There aren’t many books on taxonomies, so it is good to have another on the shelf. Darin L Stewart‘s book is based on a series of lectures and provides a good introduction to key topics. As a format, that means you can pick the sections that are relevant to you. It has a very American student textbook tone, with pop quotes and definitions of key concepts in information science (e.g. precision and recall), but that doesn’t mean it isn’t a useful refresher for professionals. I particularly enjoyed the sections on XML, RDF, and ontologies as most of the coverage of these topics is either highly technical or very abstract. As the title suggests, it has a very corporate focus and so doesn’t really cover scientific taxonomies or library classifications.
The chapters introduce the concept of findability, cover the basics of metadata, types of taxonomies, how to go about developing a taxonomy and performing a content audit, general guidance on choosing terms and structures, some of the technical issues – introducing XML, XSLT, RDF, and OWL, and summarising ontologies and folksonomies.
I found a few typos and a few places slightly odd – for example I found the use of “Google whacking” to illustrate “teleporting” confusing and the descriptions of how to go about taxonomy work to be a little prescriptive. However, textbooks have to simplify the world in order to provide students with a starting point.
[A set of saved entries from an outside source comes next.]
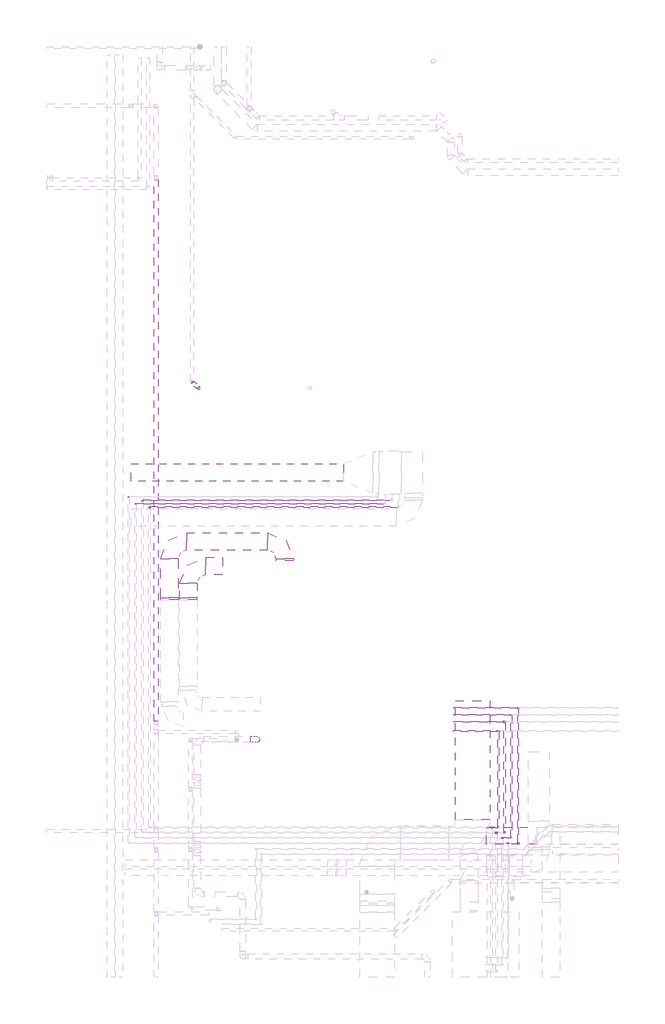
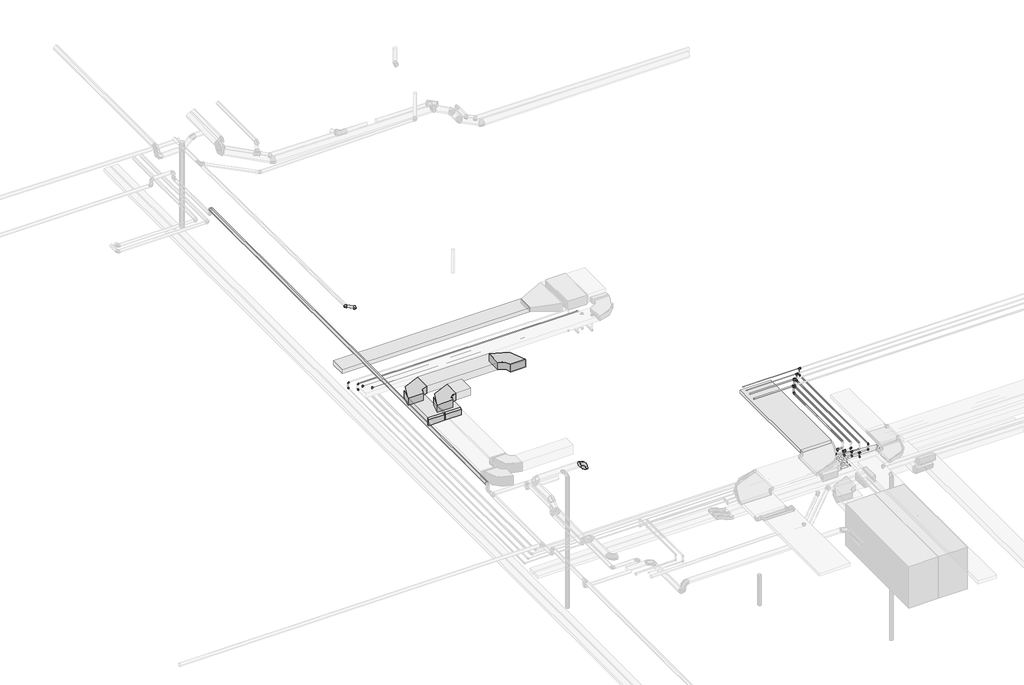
# One storey, part 5 of 10: 27 pipe fittings, 26 pipe segments, 7 duct segments, 6 duct fittings, 1 cable carrier segment.
"""IFC4 building model written with IfcOpenShell, lengths in millimetres."""

from ifc_helpers import new_model, si_unit, point, frame, frame_2d, origin, place, context, project, spatial, polyline, circle_curve, trimmed, segment, composite_curve, outline, extrude, transform, mapped, element, save
from components import duct_fitting_a79acc03, m_codo_rectangular_radio_apt_1_w_255882bf, m_codo_redondo_ext_1_d_74319309, pipe_fitting_f5d6ed74, pipe_fitting_371413ad, pipe_fitting_ce635796, pipe_fitting_12bd319b, pipe_fitting_0c9cd777, pipe_fitting_c06ac706, t_soldadura_a_enchufe_3838ae01, t_soldadura_a_enchufe_a08a0222

model = new_model("IFC4")

# Units and contexts
model_context = context("Model", 3, world=origin())
ifc_project = project(units=[si_unit("LENGTHUNIT", "METRE", prefix="MILLI")], contexts=[model_context])

# Site, building, storey
site = spatial("IfcSite", under=ifc_project)
building = spatial("IfcBuilding", under=site)
storey = spatial("IfcBuildingStorey", under=building, Name="Nivell 00 P00_PB", Elevation=6330.0)

# Cable carrier segment
placement = place(None, origin())
element("IfcCableCarrierSegment", 1, ObjectType="Gasos", at=placement, inside=storey, context=model_context, shape_type="SweptSolid", body=[
    extrude(outline(polyline([(15069.6653746, -14295.900755), (14069.6653746, -14295.900755), (14069.6653746, -10870.900755), (15069.6653746, -10870.900755), (15069.6653746, -14295.900755)])), frame((0.0, 0.0, 10460.0), z_axis=(0.0, 0.0, 1.0), x_axis=(1.0, 0.0, 0.0)), (0.0, 0.0, 1.0), 100.0),
])

# Duct fittings
duct_fitting_shape = duct_fitting_a79acc03(model_context)
element("IfcDuctFitting", 2, ObjectType="M_Transición rectangular - Ángulo : APT_45 graus", at=placement, inside=storey, context=model_context, shape_type="MappedRepresentation", body=[
    mapped(duct_fitting_shape, transform((6365.1053025, -7901.7218808, 10660.0), x_axis=(-6.310718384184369e-07, -0.9999999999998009, 0.0), y_axis=(0.9999999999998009, -6.310718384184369e-07, 0.0), z_axis=(0.0, 0.0, 1.0))),
])
element("IfcDuctFitting", 3, ObjectType="M_Transición rectangular - Ángulo : EXT_45 graus", at=placement, inside=storey, context=model_context, shape_type="MappedRepresentation", body=[
    mapped(duct_fitting_shape, transform((5815.0962014, -7901.719359, 10660.0), x_axis=(-6.310718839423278e-07, -0.9999999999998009, 0.0), y_axis=(0.9999999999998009, -6.310718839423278e-07, 0.0), z_axis=(0.0, 0.0, 1.0))),
])
m_codo_rectangular_radio_apt_1_w_shape = m_codo_rectangular_radio_apt_1_w_255882bf(model_context)
element("IfcDuctFitting", 4, ObjectType="M_Codo rectangular - Radio : APT_1 W", at=placement, inside=storey, context=model_context, shape_type="MappedRepresentation", body=[
    mapped(m_codo_rectangular_radio_apt_1_w_shape, transform((6365.1053025, -6984.7073302, 10660.0), x_axis=(-1.0, 0.0, 0.0), y_axis=(0.0, -1.0, 0.0), z_axis=(0.0, 0.0, 1.0))),
])
element("IfcDuctFitting", 5, ObjectType="M_Codo rectangular - Radio : EXT_1 W", at=placement, inside=storey, context=model_context, shape_type="MappedRepresentation", body=[
    mapped(m_codo_rectangular_radio_apt_1_w_shape, transform((5815.0962014, -6275.527985, 10660.0), x_axis=(-1.0, 0.0, 0.0), y_axis=(0.0, -1.0, 0.0), z_axis=(0.0, 0.0, 1.0))),
])
element("IfcDuctFitting", 6, ObjectType="M_Codo rectangular - Radio : EXT_1 W", at=placement, inside=storey, context=model_context, shape_type="MappedRepresentation", body=[
    mapped(m_codo_rectangular_radio_apt_1_w_shape, transform((9151.1206995, -6275.527985, 10660.0), x_axis=(0.0, 1.0, 0.0), y_axis=(-1.0, 0.0, 0.0), z_axis=(0.0, 0.0, 1.0))),
])
m_codo_redondo_ext_1_d_shape = m_codo_redondo_ext_1_d_74319309(model_context)
element("IfcDuctFitting", 7, ObjectType="M_Codo redondo : EXT_1 D", at=placement, inside=storey, context=model_context, shape_type="MappedRepresentation", body=[
    mapped(m_codo_redondo_ext_1_d_shape, transform((8341.1206995, -11984.7059364, 10742.5), x_axis=(1.0, 0.0, 0.0), y_axis=(0.0, 0.0, -1.0), z_axis=(0.0, 1.0, 0.0))),
])

# Duct segments
element("IfcDuctSegment", 8, ObjectType="APT_Fibra de vidre rígida", at=placement, inside=storey, context=model_context, shape_type="SweptSolid", body=[
    extrude(outline(polyline([(6615.1053025, -7901.7218808), (6115.1053025, -7901.7218808), (6115.1053025, -7484.7073302), (6615.1053025, -7484.7073302), (6615.1053025, -7901.7218808)])), frame((0.0, 0.0, 10535.0), z_axis=(0.0, 0.0, 1.0), x_axis=(1.0, 0.0, 0.0)), (0.0, 0.0, 1.0), 250.0),
])
element("IfcDuctSegment", 9, ObjectType="APT_Fibra de vidre rígida", at=placement, inside=storey, context=model_context, shape_type="SweptSolid", body=[
    extrude(outline(polyline([(6865.1053025, -7234.7073302), (6865.1053025, -6734.7073302), (7351.1206995, -6734.7073302), (7351.1206995, -7234.7073302), (6865.1053025, -7234.7073302)])), frame((0.0, 0.0, 10535.0), z_axis=(0.0, 0.0, 1.0), x_axis=(1.0, 0.0, 0.0)), (0.0, 0.0, 1.0), 250.0),
])
element("IfcDuctSegment", 10, ObjectType="EXT_Fibra de vidre rígida", at=placement, inside=storey, context=model_context, shape_type="SweptSolid", body=[
    extrude(outline(polyline([(6065.0962014, -7901.719359), (5565.0962014, -7901.719359), (5565.0962014, -6775.527985), (6065.0962014, -6775.527985), (6065.0962014, -7901.719359)])), frame((0.0, 0.0, 10535.0), z_axis=(0.0, 0.0, 1.0), x_axis=(1.0, 0.0, 0.0)), (0.0, 0.0, 1.0), 250.0),
])
element("IfcDuctSegment", 11, ObjectType="EXT_Fibra de vidre rígida", at=placement, inside=storey, context=model_context, shape_type="SweptSolid", body=[
    extrude(outline(polyline([(6315.0962014, -6525.527985), (6315.0962014, -6025.527985), (8651.1206995, -6025.527985), (8651.1206995, -6525.527985), (6315.0962014, -6525.527985)])), frame((0.0, 0.0, 10535.0), z_axis=(0.0, 0.0, 1.0), x_axis=(1.0, 0.0, 0.0)), (0.0, 0.0, 1.0), 250.0),
])
element("IfcDuctSegment", 12, ObjectType="EXT_Fibra de vidre rígida", at=placement, inside=storey, context=model_context, shape_type="SweptSolid", body=[
    extrude(outline(polyline([(8901.1206995, -6775.527985), (9401.1206995, -6775.527985), (9401.1206995, -6825.5281428), (8901.1206995, -6825.5281428), (8901.1206995, -6775.527985)])), frame((0.0, 0.0, 10535.0), z_axis=(0.0, 0.0, 1.0), x_axis=(1.0, 0.0, 0.0)), (0.0, 0.0, 1.0), 250.0),
])
element("IfcDuctSegment", 13, ObjectType="EXT_Planxa galvanitzada", at=placement, inside=storey, context=model_context, shape_type="SweptSolid", body=[
    extrude(outline(polyline([(10846.1600558, -4039.9878585), (10846.1635799, -4539.9878585), (4721.3382669, -4540.0310272), (4721.3347428, -4040.0310272), (10846.1600558, -4039.9878585)])), frame((0.0, 0.0, 10562.5), z_axis=(0.0, 0.0, 1.0), x_axis=(1.0, 0.0, 0.0)), (0.0, 0.0, 1.0), 150.0),
])
element("IfcDuctSegment", 14, ObjectType="IMP_Fibra de vidre rígida", at=placement, inside=storey, context=model_context, shape_type="SweptSolid", body=[
    extrude(outline(polyline([(0.0, -500.0), (0.0, 0.0), (1447.3858037, 0.0), (1447.3858037, -500.0), (0.0, -500.0)])), frame((14963.4911787, -14513.9966623, 10014.3331716), z_axis=(0.09592030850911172, 0.0, 0.9953890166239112), x_axis=(0.9953890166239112, 0.0, -0.09592030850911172)), (0.0, 0.0, 1.0), 200.0),
])

# Pipe fittings
pipe_fitting_shape = pipe_fitting_f5d6ed74(model_context)
element("IfcPipeFitting", 15, ObjectType="M_Codo - Genérico : Estándar", at=placement, inside=storey, context=model_context, shape_type="MappedRepresentation", body=[
    mapped(pipe_fitting_shape, transform((6663.412881, -1851.7161728, 10549.2196436), x_axis=(0.707071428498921, -0.7070714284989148, 0.00999950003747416), y_axis=(0.7070714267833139, 0.7071300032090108, 0.004141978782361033), z_axis=(-0.009999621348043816, 0.004141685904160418, 0.9999414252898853))),
])
pipe_fitting_2_shape = pipe_fitting_371413ad(model_context)
element("IfcPipeFitting", 16, ObjectType="M_Codo - Genérico : Estándar", at=placement, inside=storey, context=model_context, shape_type="MappedRepresentation", body=[
    mapped(pipe_fitting_2_shape, transform((15317.1341617, -11743.2163747, 10560.0), x_axis=(4.213611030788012e-05, 0.9999999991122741, 0.0), y_axis=(0.0, 0.0, 1.0), z_axis=(0.9999999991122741, -4.213611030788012e-05, 0.0))),
])
element("IfcPipeFitting", 17, ObjectType="M_Codo - Genérico : Estándar", at=placement, inside=storey, context=model_context, shape_type="MappedRepresentation", body=[
    mapped(pipe_fitting_2_shape, transform((15497.1441442, -11473.2240514, 10560.0), x_axis=(4.1754585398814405e-05, 0.9999999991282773, 0.0), y_axis=(0.0, 0.0, 1.0), z_axis=(0.9999999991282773, -4.1754585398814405e-05, 0.0))),
])
element("IfcPipeFitting", 18, ObjectType="M_Codo - Genérico : Estándar", at=placement, inside=storey, context=model_context, shape_type="MappedRepresentation", body=[
    mapped(pipe_fitting_2_shape, transform((15497.0138298, -14674.6121068, 10360.0), x_axis=(0.0, 0.0, -1.0), y_axis=(-0.9999999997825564, 2.085395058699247e-05, 0.0), z_axis=(2.085395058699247e-05, 0.9999999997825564, 0.0))),
])
element("IfcPipeFitting", 19, ObjectType="M_Codo - Genérico : Estándar", at=placement, inside=storey, context=model_context, shape_type="MappedRepresentation", body=[
    mapped(pipe_fitting_2_shape, transform((15116.8432323, -14524.1350471, 10210.0), x_axis=(0.0, 0.0, -1.0), y_axis=(0.0, -1.0, 0.0), z_axis=(-1.0, 0.0, 0.0))),
])
element("IfcPipeFitting", 20, ObjectType="M_Codo - Genérico : Estándar", at=placement, inside=storey, context=model_context, shape_type="MappedRepresentation", body=[
    mapped(pipe_fitting_2_shape, transform((15266.8516957, -14674.6079326, 10210.0), x_axis=(0.0, 0.0, -1.0), y_axis=(0.0, -1.0, 0.0), z_axis=(-1.0, 0.0, 0.0))),
])
pipe_fitting_3_shape = pipe_fitting_ce635796(model_context)
element("IfcPipeFitting", 21, ObjectType="M_Codo - Genérico : Estándar", at=placement, inside=storey, context=model_context, shape_type="MappedRepresentation", body=[
    mapped(pipe_fitting_3_shape, transform((5045.700343, -5085.0420593, 10360.0), x_axis=(-0.9999999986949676, 5.1088793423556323e-05, 0.0), y_axis=(-5.1088793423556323e-05, -0.9999999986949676, 0.0), z_axis=(0.0, 0.0, 1.0))),
])
pipe_fitting_4_shape = pipe_fitting_12bd319b(model_context)
element("IfcPipeFitting", 22, ObjectType="M_Codo - Genérico : Estándar", at=placement, inside=storey, context=model_context, shape_type="MappedRepresentation", body=[
    mapped(pipe_fitting_4_shape, transform((5245.6933062, -5285.0442731, 10360.0), x_axis=(-0.999999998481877, 5.5102140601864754e-05, 0.0), y_axis=(-5.5102140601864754e-05, -0.999999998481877, 0.0), z_axis=(0.0, 0.0, 1.0))),
])
pipe_fitting_5_shape = pipe_fitting_0c9cd777(model_context)
element("IfcPipeFitting", 23, ObjectType="M_Codo - Genérico : Estándar", at=placement, inside=storey, context=model_context, shape_type="MappedRepresentation", body=[
    mapped(pipe_fitting_5_shape, transform((6478.5367331, -1666.8400249, 10546.6051), x_axis=(0.00012595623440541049, -0.9999499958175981, 0.009999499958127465), y_axis=(0.9999914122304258, 0.0001673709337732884, 0.004140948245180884), z_axis=(-0.004142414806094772, 0.009998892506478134, 0.9999414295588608))),
])
pipe_fitting_6_shape = pipe_fitting_c06ac706(model_context)
element("IfcPipeFitting", 24, ObjectType="M_Codo - Genérico : Estándar", at=placement, inside=storey, context=model_context, shape_type="MappedRepresentation", body=[
    mapped(pipe_fitting_6_shape, transform((15687.1511901, -11273.3482932, 10567.5), x_axis=(4.144554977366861e-05, 0.9999999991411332, 0.0), y_axis=(0.0, 0.0, 1.0), z_axis=(0.9999999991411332, -4.144554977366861e-05, 0.0))),
])
element("IfcPipeFitting", 25, ObjectType="M_Codo - Genérico : Estándar", at=placement, inside=storey, context=model_context, shape_type="MappedRepresentation", body=[
    mapped(pipe_fitting_6_shape, transform((15887.1599477, -11073.3334965, 10567.5), x_axis=(4.155888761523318e-05, 0.9999999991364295, 0.0), y_axis=(0.0, 0.0, 1.0), z_axis=(0.9999999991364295, -4.155888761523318e-05, 0.0))),
])
element("IfcPipeFitting", 26, ObjectType="M_Codo - Genérico : Estándar", at=placement, inside=storey, context=model_context, shape_type="MappedRepresentation", body=[
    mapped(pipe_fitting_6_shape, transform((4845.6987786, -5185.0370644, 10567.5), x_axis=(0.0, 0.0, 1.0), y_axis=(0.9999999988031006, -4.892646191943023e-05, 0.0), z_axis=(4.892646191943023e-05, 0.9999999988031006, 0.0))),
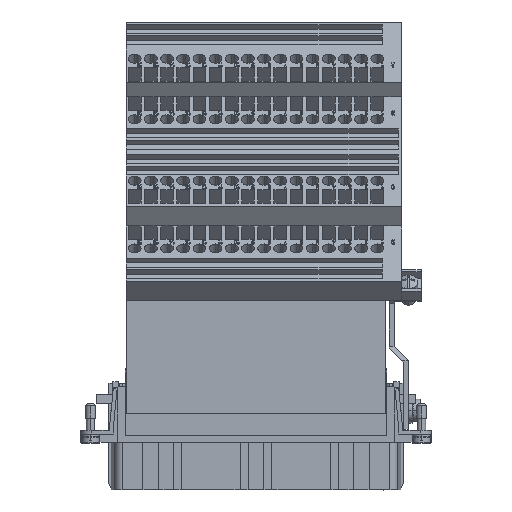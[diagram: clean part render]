
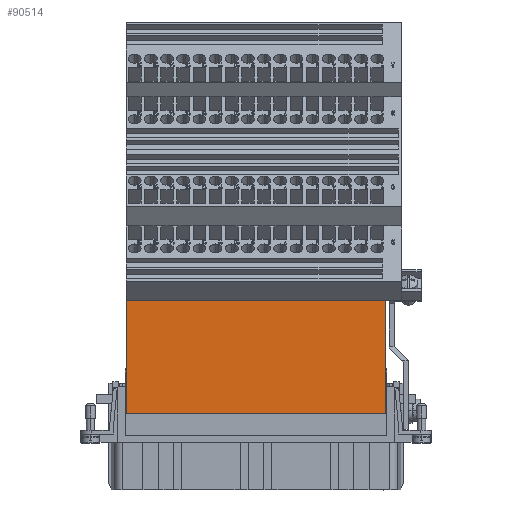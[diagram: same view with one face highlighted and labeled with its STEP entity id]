
A CAD part, top view. The second image highlights one B-rep face of the part: STEP entity #90514.
In plain terms, the highlighted planar face has unit normal (0, 0, 1).
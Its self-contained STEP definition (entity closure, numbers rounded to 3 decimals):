
#5399 = CARTESIAN_POINT ( 'NONE',  ( 0., 9., 15.5 ) ) ;
#5727 = AXIS2_PLACEMENT_3D ( 'NONE', #9042, #91290, #42040 ) ;
#6650 = VERTEX_POINT ( 'NONE', #44614 ) ;
#6683 = VERTEX_POINT ( 'NONE', #29874 ) ;
#9042 = CARTESIAN_POINT ( 'NONE',  ( 0., 9., 15.5 ) ) ;
#11602 = CARTESIAN_POINT ( 'NONE',  ( 40.75, 27.405, 15.5 ) ) ;
#11697 = EDGE_LOOP ( 'NONE', ( #45401, #84826, #22802, #96717 ) ) ;
#19588 = EDGE_CURVE ( 'NONE', #22958, #6650, #62307, .T. ) ;
#22802 = ORIENTED_EDGE ( 'NONE', *, *, #19588, .F. ) ;
#22958 = VERTEX_POINT ( 'NONE', #77782 ) ;
#23770 = VECTOR ( 'NONE', #69078, 1000. ) ;
#27481 = EDGE_CURVE ( 'NONE', #6683, #22958, #34088, .T. ) ;
#28968 = CARTESIAN_POINT ( 'NONE',  ( -40.75, 44.5, 15.5 ) ) ;
#29874 = CARTESIAN_POINT ( 'NONE',  ( -40.75, 44.5, 15.5 ) ) ;
#33764 = PLANE ( 'NONE',  #5727 ) ;
#34088 = LINE ( 'NONE', #28968, #97099 ) ;
#34258 = EDGE_CURVE ( 'NONE', #6650, #48348, #102109, .T. ) ;
#42040 = DIRECTION ( 'NONE',  ( 1., 0., 0. ) ) ;
#43854 = CARTESIAN_POINT ( 'NONE',  ( -40.75, 27.405, 15.5 ) ) ;
#44614 = CARTESIAN_POINT ( 'NONE',  ( 40.75, 9., 15.5 ) ) ;
#45401 = ORIENTED_EDGE ( 'NONE', *, *, #102703, .F. ) ;
#45675 = VECTOR ( 'NONE', #101680, 1000. ) ;
#45986 = DIRECTION ( 'NONE',  ( -1., 0., 0. ) ) ;
#46878 = FACE_OUTER_BOUND ( 'NONE', #11697, .T. ) ;
#48279 = LINE ( 'NONE', #43854, #45675 ) ;
#48348 = VERTEX_POINT ( 'NONE', #61852 ) ;
#61852 = CARTESIAN_POINT ( 'NONE',  ( -40.75, 9., 15.5 ) ) ;
#62307 = LINE ( 'NONE', #11602, #23770 ) ;
#69078 = DIRECTION ( 'NONE',  ( 0., -1., 0. ) ) ;
#77782 = CARTESIAN_POINT ( 'NONE',  ( 40.75, 44.5, 15.5 ) ) ;
#82885 = VECTOR ( 'NONE', #45986, 1000. ) ;
#84826 = ORIENTED_EDGE ( 'NONE', *, *, #34258, .F. ) ;
#90514 = ADVANCED_FACE ( 'NONE', ( #46878 ), #33764, .T. ) ;
#91290 = DIRECTION ( 'NONE',  ( 0., 0., 1. ) ) ;
#94740 = DIRECTION ( 'NONE',  ( 1., 0., 0. ) ) ;
#96717 = ORIENTED_EDGE ( 'NONE', *, *, #27481, .F. ) ;
#97099 = VECTOR ( 'NONE', #94740, 1000. ) ;
#101680 = DIRECTION ( 'NONE',  ( 0., 1., 0. ) ) ;
#102109 = LINE ( 'NONE', #5399, #82885 ) ;
#102703 = EDGE_CURVE ( 'NONE', #48348, #6683, #48279, .T. ) ;
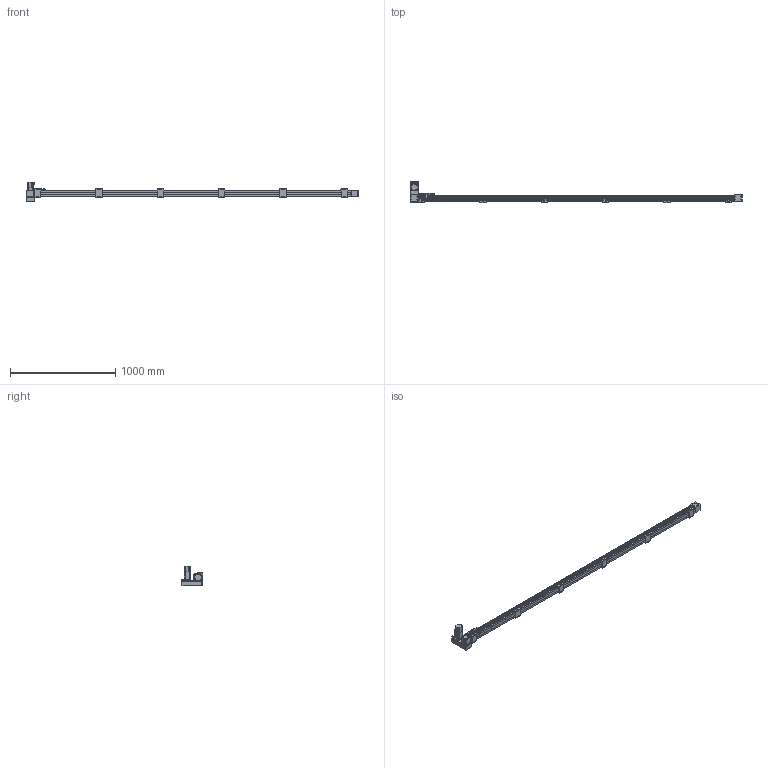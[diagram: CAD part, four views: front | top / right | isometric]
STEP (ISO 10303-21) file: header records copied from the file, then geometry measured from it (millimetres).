
FILE_DESCRIPTION(/* description */ ('STEP AP214'),/* implementation_level */ '2;1');
FILE_NAME(/* name */ 'SK60-P13-S2850-LU-T40-C1-N(0)',/* time_stamp */ '2023-04-06T04:49:03+02:00',/* author */ ('License CC BY-ND 4.0'),/* organization */ ('CADENAS'),/* preprocessor_version */ 'ST-DEVELOPER v19.3',/* originating_system */ 'PARTsolutions',/* authorisation */ ' ');
FILE_SCHEMA (('AUTOMOTIVE_DESIGN {1 0 10303 214 3 1 1}'));
Length unit declared in the file: millimetre
Products named in the file (10): SK60-P13-S2850-LU-T40-C1-N(0); PSC140-sensor; SK60-S450_seat; SK60-S450-BL-C1_slider; SK60_body3; SK60_body6; SK60-BL_body2; T40-p1; SK60-LU_fb; SK60-S2850-LU-C1_body
Assembly tree (20 placements, depth 2):
  SK60-P13-S2850-LU-T40-C1-N(0)
    PSC140-sensor  x3
    SK60-S450_seat  x6
    SK60-S450-BL-C1_slider
    SK60_body3  x3
    SK60_body6  x2
    SK60-BL_body2  x2
    T40-p1
    SK60-LU_fb
    SK60-S2850-LU-C1_body
Bounding box: 3155.5 x 201 x 189.7 mm (x, y, z)
Volume: 11903345.8 mm3; surface area: 1393091.3 mm2
Topology: 20 solids, 20 shells, 986 faces, 2440 edges, 1605 vertices
Faces by surface type: plane 620, cylinder 326, cone 38, torus 2
Full cylindrical faces by diameter (mm): 2.8 x3, 3.3 x4, 4 x2, 4.5 x30, 4.6 x3, 4.917 x32, 5 x6, 5.478 x4, 5.5 x35, 6.5 x12, 7 x2, 8 x4, 8.5 x4, 9.988 x4, 10 x24, 14 x1, 47 x3, 50 x2
Entity records: 18687 total; most frequent: DIRECTION 3192, CARTESIAN_POINT 3154, ORIENTED_EDGE 2940, EDGE_CURVE 1470, AXIS2_PLACEMENT_3D 1072, LINE 1048, VECTOR 1048, VERTEX_POINT 1034

Overall the book covers a good range of topics and concepts and is a light but informative read.
Public knowledge, private ignorance by Patrick Wilson is one of those fascinating books that reads as if it had been written yesterday, but in fact was written in 1977. In what struck me as such a contemporary theme, he discusses the importance of personal contacts and trusted authorities as sources of knowledge – a theme that has returned with a vengeance in the form of “social search” and leveraging social networks for recommendations etc. A wonderful example of this was given to me by a friend last night who told me about how their archives division suddenly gained recognition when the new media lot realised they needed metadata for their rapidly growing digital repositories. The new media folks were in a panic until the talked to the librarians and archivists and realised they had already worked out – and been assiduously cataloguing all the digital assets. Without that personal contact, the new media folk might have ended up building their own catalogue, and duplicating all that work! It’s a sadly familiar story even in these days of information abundance when you’d think such communication would be easy, but even the problem of how to make sure “public” knowledge is actually used is nothing new. Wilson quotes Lord Rayleigh at a meeting of the British Association of the Advancement of Science in1884 (yes – eighteen eighty four – it’s not a typo) as noting how much scientific knowledge was published but unread, saying “It is often forgotten that the rediscovery in the library may be a more difficult and uncertain process than the first discovery in the laboratory”. Wilson points out that “knowledge existing only ‘in the literature’ is no different from knowledge possessed by undiscoverable or inaccessible individuals”.
Wilson also claims that “where there is knowledge, there must be a knower”, which struck me as a challenge to notions that publishing alone – whether it be tweets or academic research papers – is only half the battle. This reinforces to me the absolute fundamentalness of findability and serving the needs of the user both within individual publications and across the whole of our “public” digital repositories. Again, this is nothing new. Way back in the 19th century Charles Cutter was anxious to serve library users better, Grace Kelley (disambiguated from the other one by the extra “e”!) in 1937 was what we would now refer to as a “usability evangelist” and both Ranganathan (1959) and Bliss (1935) had a passion for getting the right information out to the right people.
As Computer Science from the 1970s took over much of information retrieval and then with commercial products being heavily marketed, I worry that this sort of passion has been lost in a blur of what you can get an algorithm to do, rather than what people actually need. As Wilson says “we do not make knowledge available simply by making available documents in which knowledge is represented”. Google is wonderful, but that is, essentially, all it does. Of course the more sophisticated programmatic tools we have the better, but as information providers we should never be afraid to say “this gets us so far, but not far enough”. We need to keep reminding everyone that it is the minds of the knowers and potential knowers we need to be serving and so we should not be afraid to keep demanding ever more sophisticated systems that are mixed, variable, and downright difficult to automate.